Morita, who was actually a comedian back when, is at his best when he's most bemused by his inner city surroundings, from the doorbells on front porches to the inequities of the justice system. Leno, meanwhile, may be just a little too low-key to command the screen. Meant to be a fast-talking rogue and ladies' man, his moony (and moon-shaped) face hits the sweet spot between George Clooney and Robert Z'Dar, and there's an unfortunate squeak in his voice that he mistakes for "dramatic." His métier is purely comedic, like when he calms a hysterical woman on a hotel elevator down by screaming, "Shut up, lady! You're not on a game show!" There isn't a solidly-written female in the cast, to be sure, as Leno is counted on to generate chemistry with either Pat Morita or Ernie Hudson (playing Costas' doormat sidekick, Shortcut).

And comic moments are to be found, if fleetingly and frustratingly undone by conventional punch lines. The aforementioned brawl involves Natsuo initially being accosted by a group of affluent bowling alley goons (including Mike Starr in a brief role) before Kosnic's disdain for diplomacy causes all hell to break loose. Indeed, given more dialogue here than in Raising Arizona, Cobb is an amusing lunkhead, while Tom (Manhunter) Noonan, who forever looks like a new age healer brainwashed by the Manson Family, puts a wisecracking touch on his perennially psychotic demeanor early on. But Chris Sarandon, saddled with a John Oates ‘stache, is powered entirely on whatever traces of snark he didn't burn as the delightfully cocky bloodsucker from Fright Night, coming across as a mediocre heavy. And the dismally broad material routinely lets down reliable talents like Morita and Hudson.
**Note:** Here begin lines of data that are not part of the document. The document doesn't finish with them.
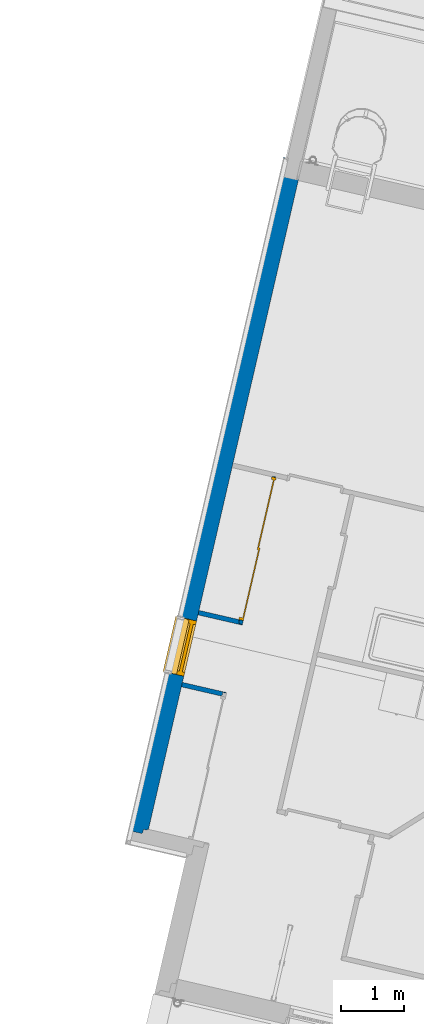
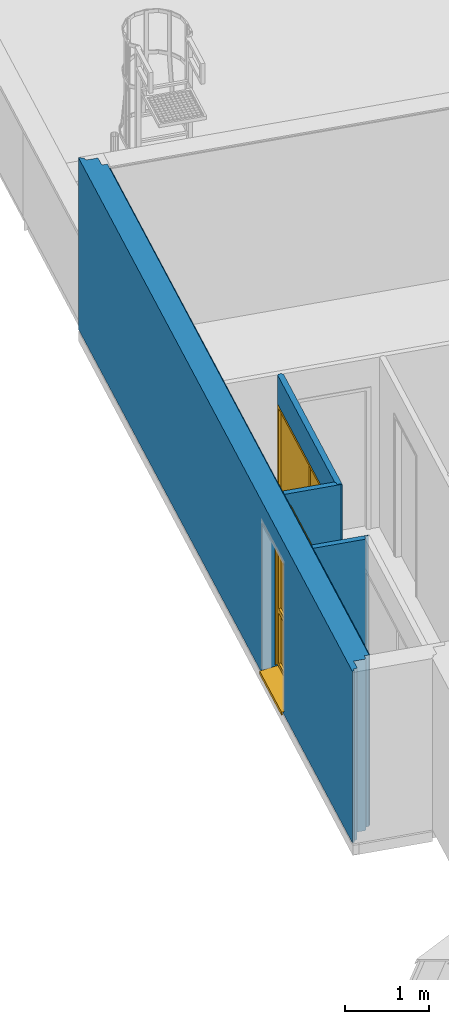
# One storey, part 7 of 47: 4 walls, 1 door, 1 window, 2 openings.
"""IFC2X3 building model written with IfcOpenShell, lengths in metres."""

from ifc_helpers import new_model, entity, si_unit, converted_unit, derived_unit, money_unit, direction, frame, origin_with_axes, place, context, subcontext, project, spatial, open_shell, faceted_brep, surface_model, material, material_list, type_object, element, fill, save


model = new_model("IFC2X3")

# Units and contexts
model_context = context("Model", 3, precision=1e-05, world=origin_with_axes(), true_north=direction((0.0, 1.0)))
body_context = subcontext(model_context, "Body", "Model", "MODEL_VIEW")
ifc_project = project(units=[si_unit("LENGTHUNIT", "METRE"), si_unit("AREAUNIT", "SQUARE_METRE"), si_unit("VOLUMEUNIT", "CUBIC_METRE"), converted_unit("PLANEANGLEUNIT", "DEGREE", entity("IfcPlaneAngleMeasure", 0.0174532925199), si_unit("PLANEANGLEUNIT", "RADIAN"), dimensions=[0, 0, 0, 0, 0, 0, 0]), si_unit("SOLIDANGLEUNIT", "STERADIAN"), money_unit("EUR"), converted_unit("TIMEUNIT", "Year", entity("IfcTimeMeasure", 31556926.0), si_unit("TIMEUNIT", "SECOND"), dimensions=[0, 0, 1, 0, 0, 0, 0]), si_unit("MASSUNIT", "GRAM", prefix="KILO"), si_unit("THERMODYNAMICTEMPERATUREUNIT", "DEGREE_CELSIUS"), si_unit("LUMINOUSINTENSITYUNIT", "LUMEN"), si_unit("ENERGYUNIT", "JOULE", prefix="MEGA"), derived_unit("THERMALCONDUCTANCEUNIT", [(si_unit("POWERUNIT", "WATT"), 1), (si_unit("LENGTHUNIT", "METRE"), -1), (si_unit("THERMODYNAMICTEMPERATUREUNIT", "KELVIN"), -1)]), derived_unit("SPECIFICHEATCAPACITYUNIT", [(si_unit("ENERGYUNIT", "JOULE"), 1), (si_unit("MASSUNIT", "GRAM", prefix="KILO"), -1), (si_unit("THERMODYNAMICTEMPERATUREUNIT", "KELVIN"), -1)]), derived_unit("MASSDENSITYUNIT", [(si_unit("MASSUNIT", "GRAM", prefix="KILO"), 1), (si_unit("VOLUMEUNIT", "CUBIC_METRE"), -1)])], contexts=[model_context])

# Site, building, storey
site_placement = place(None, origin_with_axes())
site = spatial("IfcSite", under=ifc_project, at=site_placement, Name="Site", CompositionType="ELEMENT")
building_placement = place(site_placement, origin_with_axes())
building = spatial("IfcBuilding", under=site, at=building_placement, Name="Bâtiment", CompositionType="ELEMENT")
storey_placement = place(building_placement, frame((0.0, 0.0, 10.88), z_axis=(0.0, 0.0, 1.0), x_axis=(1.0, 0.0, 0.0)))
storey = spatial("IfcBuildingStorey", under=building, at=storey_placement, Name="R+4", CompositionType="ELEMENT", Elevation=10.88)

# Wall, opening, door
ifc_material_1 = material(Name="Finition int - Plaque de plâtre")
ifc_material_2 = material(Name="Isolation - Laine de roche")
ifc_material_list_1 = material_list([ifc_material_1, ifc_material_2, ifc_material_1])
wall_type_1 = type_object("IfcWallType", Name="3 - Cloison 72mm Placostil 74", PredefinedType="USERDEFINED")
wall_1_placement = place(storey_placement, frame((-17.6332548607, -3.42021331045, 0.0), z_axis=(0.0, 0.0, 1.0), x_axis=(-0.224876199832, -0.974387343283, 0.0)))
wall_1 = element("IfcWall", 1, at=wall_1_placement, inside=storey, type_object=wall_type_1, material=ifc_material_list_1, Name="Cloison Placostil 72/48", ObjectType="PARTITIONING", context=body_context, shape_type="Brep", body=[
    faceted_brep([(2.40363159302, 0.0, 0.02), (2.40363159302, 0.0, 2.08), (0.074, 0.0, 2.08), (0.074, 0.0, 2.5), (2.47763159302, 0.0, 2.5), (2.47763159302, 0.0, 0.02), (2.40363159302, -0.013, 0.02), (2.40363159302, -0.013, 2.08), (0.074, -0.013, 2.08), (0.0739999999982, -0.013, 2.5), (2.47763159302, -0.013, 2.5), (2.47763159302, -0.013, 0.02)], [[[0, 1, 2, 3, 4, 5]], [[1, 0, 6, 7]], [[8, 2, 1, 7]], [[2, 8, 9, 3]], [[4, 3, 9, 10]], [[5, 4, 10, 11]], [[6, 0, 5, 11]], [[7, 6, 11, 10, 9, 8]]]),
    faceted_brep([(2.40363159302, -0.013, 0.02), (2.40363159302, -0.013, 2.08), (0.074, -0.013, 2.08), (0.074, -0.013, 0.02), (0.0609999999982, -0.013, 0.02), (0.0609999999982, -0.013, 2.5), (2.46463159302, -0.013, 2.5), (2.46463159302, -0.013, 0.02), (2.40363159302, -0.061, 0.02), (2.40363159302, -0.061, 2.08), (0.074, -0.061, 2.08), (0.074, -0.061, 0.02), (0.0609999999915, -0.061, 0.02), (0.0609999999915, -0.061, 2.5), (2.46463159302, -0.061, 2.5), (2.46463159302, -0.061, 0.02)], [[[0, 1, 2, 3, 4, 5, 6, 7]], [[1, 0, 8, 9]], [[2, 1, 9, 10]], [[3, 2, 10, 11]], [[3, 11, 12, 4]], [[12, 13, 5, 4]], [[6, 5, 13, 14]], [[7, 6, 14, 15]], [[8, 0, 7, 15]], [[9, 8, 15, 14, 13, 12, 11, 10]]]),
    faceted_brep([(2.40363159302, -0.061, 0.02), (2.40363159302, -0.061, 2.08), (0.074, -0.061, 2.08), (0.0739999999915, -0.061, 2.5), (2.41663159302, -0.061, 2.5), (2.41663159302, -0.061, 0.02), (2.40363159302, -0.074, 0.02), (2.40363159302, -0.074, 2.08), (0.074, -0.074, 2.08), (0.0739999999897, -0.074, 2.5), (2.41663159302, -0.074, 2.5), (2.41663159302, -0.074, 0.02)], [[[0, 1, 2, 3, 4, 5]], [[1, 0, 6, 7]], [[8, 2, 1, 7]], [[2, 8, 9, 3]], [[4, 3, 9, 10]], [[5, 4, 10, 11]], [[6, 0, 5, 11]], [[7, 6, 11, 10, 9, 8]]]),
])
opening_1_placement = place(wall_1_placement, frame((1.23881579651, 0.0, 0.0), z_axis=(0.0, 0.0, 1.0), x_axis=(1.0, 0.0, 0.0)))
opening_1 = element("IfcOpeningElement", 2, at=opening_1_placement, cuts=wall_1, Name="Por-002", context=body_context, shape_type="Brep", body=[
    faceted_brep([(1.16481579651, -0.074, 0.0), (-1.16481579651, -0.074, 0.0), (-1.16481579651, 0.074, 0.0), (1.16481579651, 0.074, 0.0), (1.16481579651, -0.074, 2.08), (-1.16481579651, -0.074, 2.08), (-1.16481579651, 0.074, 2.08), (1.16481579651, 0.074, 2.08)], [[[0, 1, 2, 3]], [[0, 4, 5, 1]], [[1, 5, 6, 2]], [[3, 2, 6, 7]], [[4, 0, 3, 7]], [[5, 4, 7, 6]]]),
])
door_style = type_object("IfcDoorStyle", Name="Porte int générique 2019", ConstructionType="NOTDEFINED", OperationType="USERDEFINED", ParameterTakesPrecedence=False, Sizeable=False)
door_placement = place(opening_1_placement, frame((-1.12481579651, 0.0, 0.0), z_axis=(0.0, 0.0, 1.0), x_axis=(1.0, 0.0, 0.0)))
door = element("IfcDoor", 3, at=door_placement, inside=storey, type_object=door_style, Name="Por-002", ObjectType="DOOR", OverallHeight=2.04, OverallWidth=2.24963, context=body_context, shape_type="Brep", body=[
    faceted_brep([(2.28963159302, 0.0, 0.0), (2.24963159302, 0.0, 0.0), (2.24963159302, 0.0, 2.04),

Collision Course seems like it should be an all-time stinker on the level of Leonard Part 6 or Mac & Me, but it seems as though this film has thoroughly evaporated since 1992. And rightfully so, as it didn't damage Leno's reputation and was shrugged off by Pat Morita for the next couple of Karate Kid sequels. Lewis Teague, however, had only one more mainstream project in him with Navy Seals before sticking to TV for the remainder of his career, kind of like Jay Leno. Despite the efforts on the internet to condense the film to adequate rubbernecking length, Collision Course is hardly Showdown in Little Tokyo let alone Another 48 Hrs.

It is so, how do the Japanese put it, "wasure rare-gachina."